Die wirtschaftlichen Rahmendaten Griechenlands zeigen, wie tief das Land noch in der Krise steckt. Zwar wuchs die Wirtschaft nach Jahren der Rezession im vergangenen Jahr wieder und soll dies laut einer Prognose des Bundesfinanzministeriums auch in den kommenden Jahren weiter tun. Der Absturz, den das Land zu verkraften hatte, war jedoch brutal. 2015 lag das Bruttoinlandsprodukt 27 Prozent unter dem Niveau von 2008. Stark angestiegen ist hingegen die Arbeitslosigkeit. Sie liegt heute noch bei etwa 25 Prozent und wird laut Bundesfinanzministerium auch in den kommenden Jahren nur wenig sinken. Unter den jungen Menschen bis 25 Jahren ist sogar jeder Zweite arbeitslos.

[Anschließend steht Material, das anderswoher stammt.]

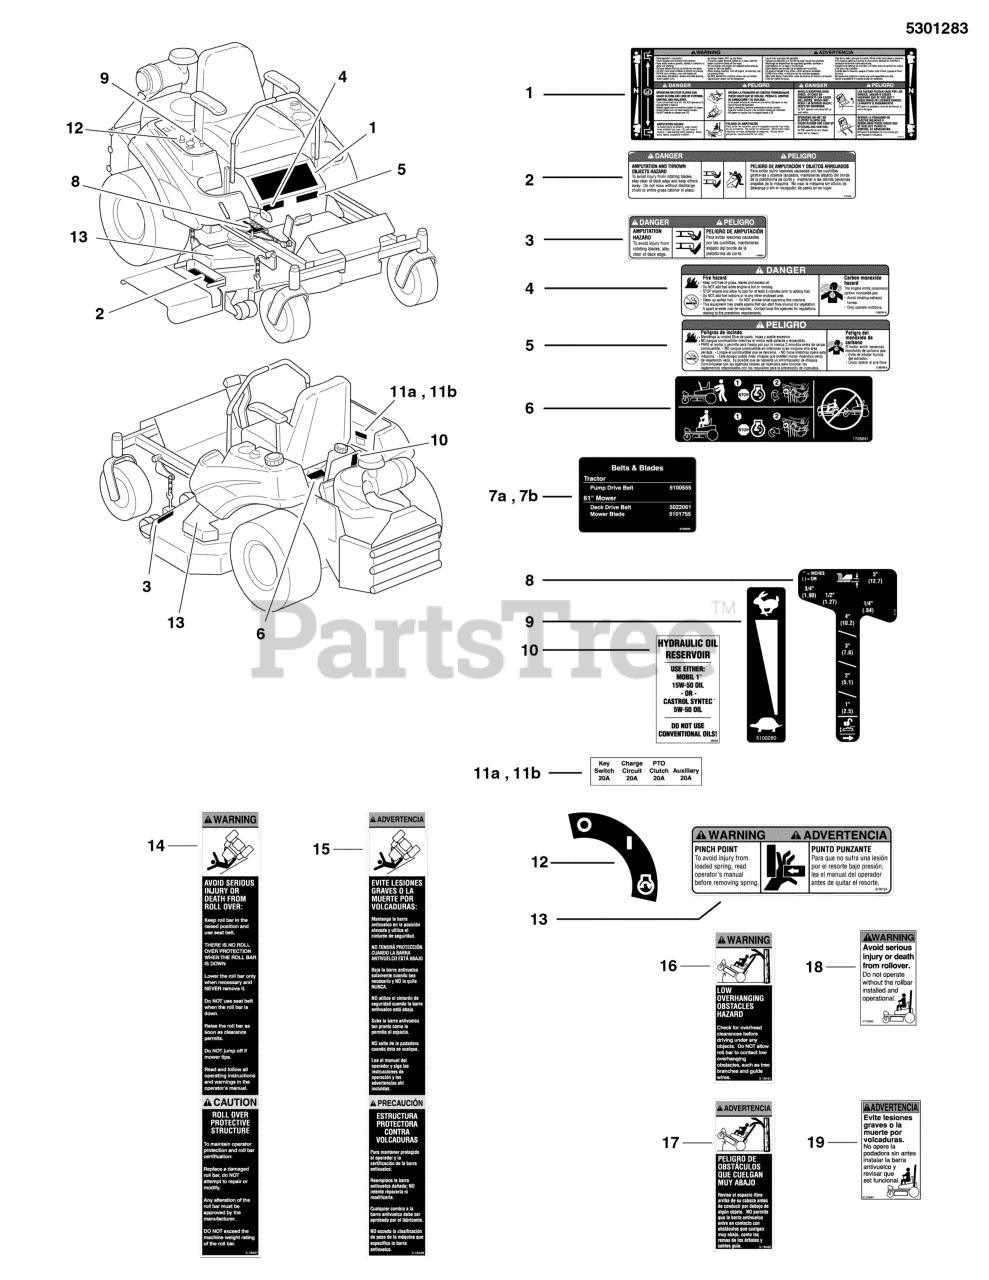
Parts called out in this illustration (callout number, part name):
1	DECAL, MAIN SAFETY
2	DECAL, DANGER, MOWER DISCHARGE,8.75X2.13
3	DECAL, DANGER, MOWER
4	DECAL, DANGER, FIRE
5	DECAL, DANGER, FIRE (SP)
6	*DECAL, CZT HYRDO RELEASE
8	DECAL-HEIGHT CITATION
9	DECAL, THROTTLE CONTROL
10	DECAL, OIL RESEVOIR
12	DECAL, IGNITION SWITCH
13	DECAL, WARNING, PINCH POINT
16	DECAL, WARNING OVERHANG, ROPS
18	DECAL, WARNING, ROLL BAR
19	DECAL, WARNING, ROLL BAR (SP)

Ebenfalls explodiert ist die Staatsverschuldung des Landes. Im vergangenen Jahr lag sie bei 177 Prozent des BIP. Trotz aller Reformanstrengungen gehen Experten von einem weiteren Anstieg aus. Die EU-Kommission erwartet, dass sie noch in diesem Jahr auf 185 Prozent steigen wird, die OECD geht sogar von 190 Prozent aus. Erst danach könnte sie sinken.

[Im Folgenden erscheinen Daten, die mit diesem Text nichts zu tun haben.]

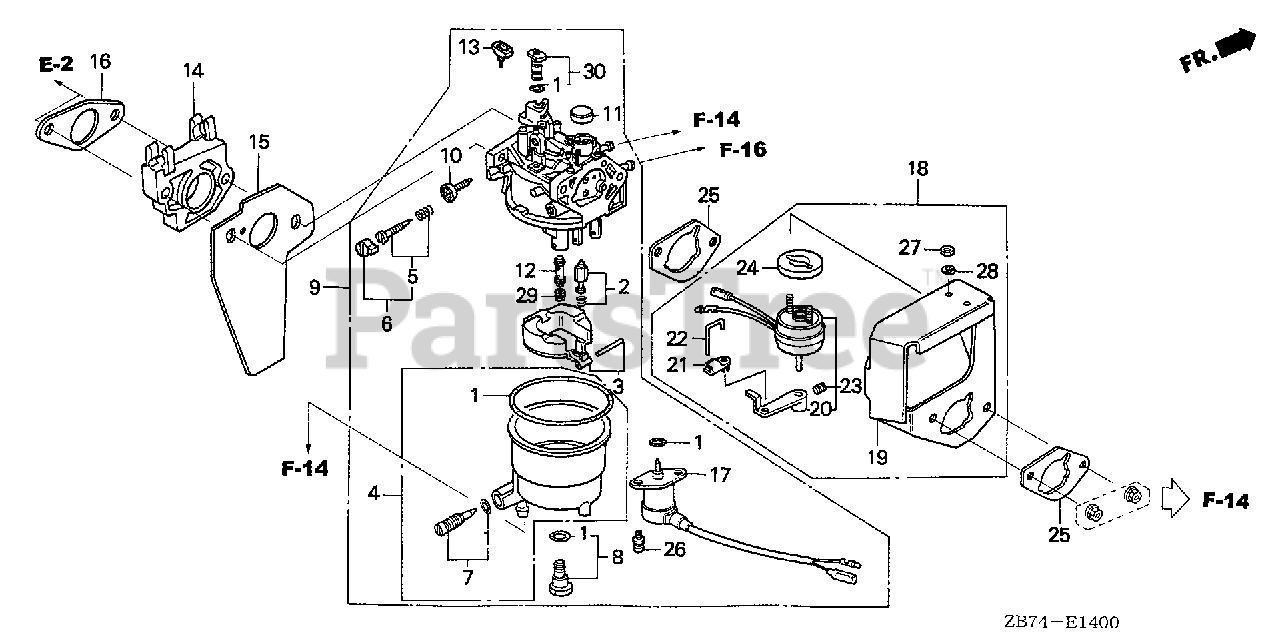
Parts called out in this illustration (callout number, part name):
1	GASKET SET
2	VALVE SET, FLOAT
3	FLOAT SET
4	CHAMBER SET, FLOAT
6	SCREW SET (Honda Code 4219879). (CARBURETOR NO.)
7	SCREW SET, DRAIN (ADVENTURE GREEN) (CARBURETOR NO.)
8	SCREW SET B
9	CARBURETOR ASSY.
10	SCREW, THROTTLE STOP
11	CAP, CHOKE LEVER DUST
12	NOZZLE, MAIN
13	COLLAR, SET
14	INSULATOR, CARBURETOR
15	GASKET, CARBURETOR
16	GASKET, INSULATOR
17	VALVE ASSY., SOLENOID
18	STAY ASSY., SOLENOID
19	STAY, CHOKE SOLENOID
20	LEVER, CHOKE SOLENOID
21	JOINT, ROD
22	ROD, CHOKE SOLENOID
23	SOLENOID ASSY., CHOKE
24	SPACER, CHOKE SOLENOID
25	GASKET, AIR CLEANER
26	SCREW-WASHER (5X12)
27	NUT, HEX. (3MM)
28	WASHER, SPRING (3MM)
29	JET, MAIN (#75) (CARBURETOR NO.)
29	JET, MAIN (#78) (CARBURETOR NO.)
29	JET, MAIN (#80)
30	JET SET, PILOT (#45)

Laut OECD hat sich jedoch die Wettbewerbsfähigkeit des Landes mittlerweile verbessert. Die Lohn-Stück-Kosten sanken um rund 15 Prozent. So richtig profitiert das Land davon jedoch noch nicht. Außer in der Schifffahrtsindustrie und beim Tourismus gibt es derzeit kaum eine Branche, die wirklich gut dasteht.
Warum tun sich die Griechen mit den Reformauflagen immer so schwer?

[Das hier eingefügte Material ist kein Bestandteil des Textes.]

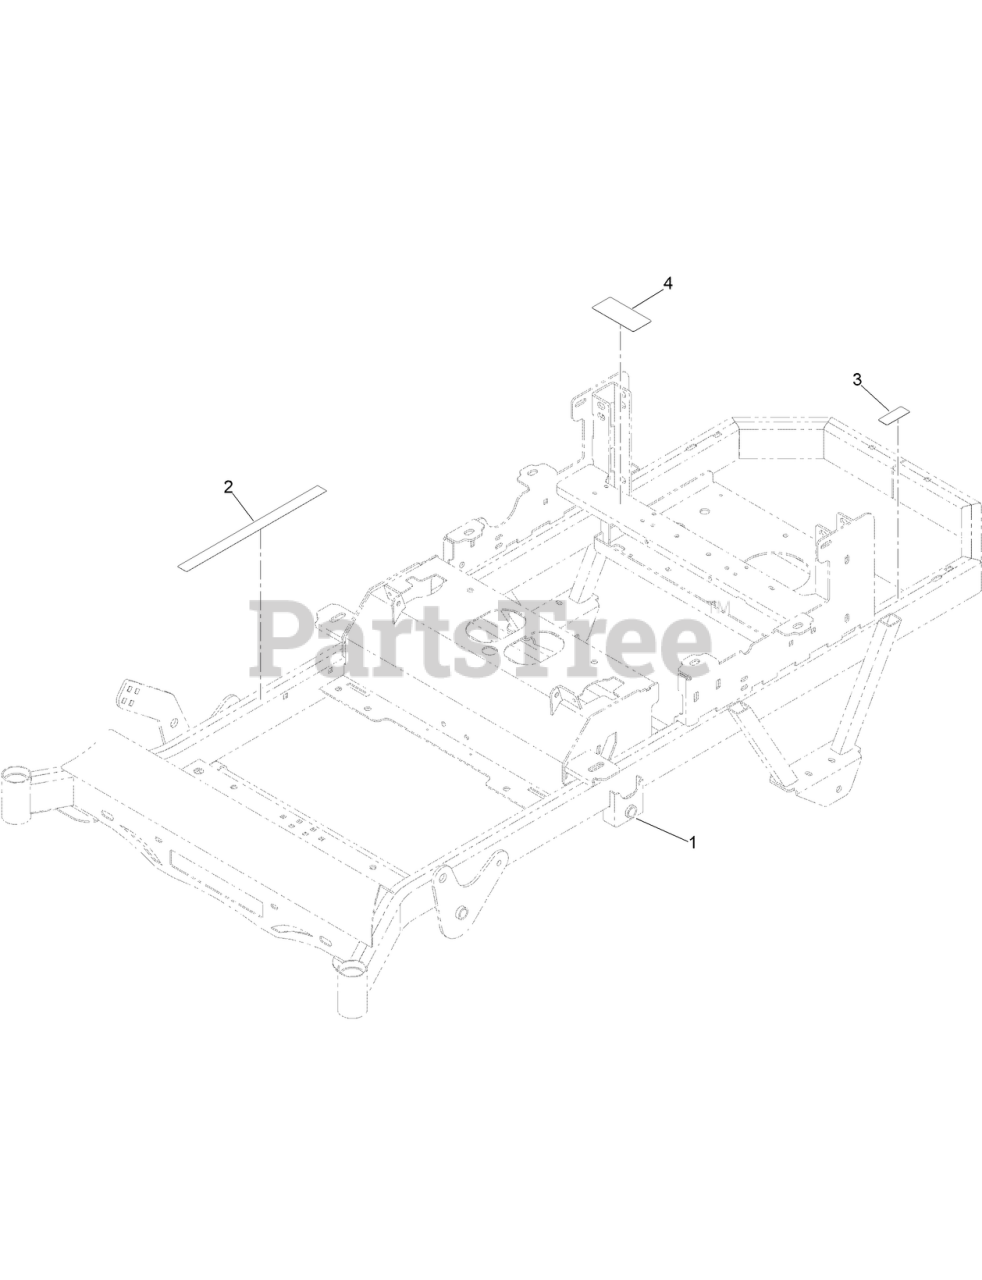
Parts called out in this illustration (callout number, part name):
1	FRAME
2	DECAL-WARNING(AURORA)
3	DECAL-HOT SURFACE
4	DECAL-ROTATING FAN HAZARD

Die harte Sparpolitik treibt seit Jahren zahlreiche Demonstranten auf die Straßen. Mehrfach wurde das Land von Generalstreiks lahmgelegt. Der breite Widerstand erschwert es den Regierungen, Reformen durchzusetzen. Das gilt nicht nur für den amtierenden Ministerpräsidenten Alexis Tsipras, dessen linke Partei Syriza gewählt wurde, um den Sparkurs zu beenden. Auch alle seine Vorgänger seit 2010 hatten mit solchen Massenprotesten zu kämpfen.
Es ist jedoch nicht nur der Druck der Straße, der die Umsetzung vereinbarter Reformen schwierig macht. Die griechische Politik pflegt traditionell gute Kontakte zu Interessenvertretungen, die auf den Erhalt traditioneller Privilegien pochen. Der Übergang zum Filz ist dabei fließend. Im jüngsten Korruptionsranking von Transparency International belegt Griechenland Platz 58 - hinter etwa Malaysia und Kuba.
Allerdings ist hier eine Verbesserung spürbar. Ein Jahr zuvor lag Griechenland noch auf Platz 69. Tatsächlich ist in einige Branchen im Zuge der Reformpolitik Bewegung gekommen, etwa bei den Apotheken. Doch so richtig scheint auf die von der linken Syriza geführte Regierung nicht gegen die Interessenvertreter vorgehen zu wollen - auch wenn die Geldgeber von EU, EZB und IWF in der Vergangenheit immer wieder darauf gepocht haben. "Es mangelt an Willen, aber auch an Können", so Marcel Fratzscher, Chef des Deutschen Instituts für Wirtschaftsforschung zur mangelnden Umsetzung mancher Reformen.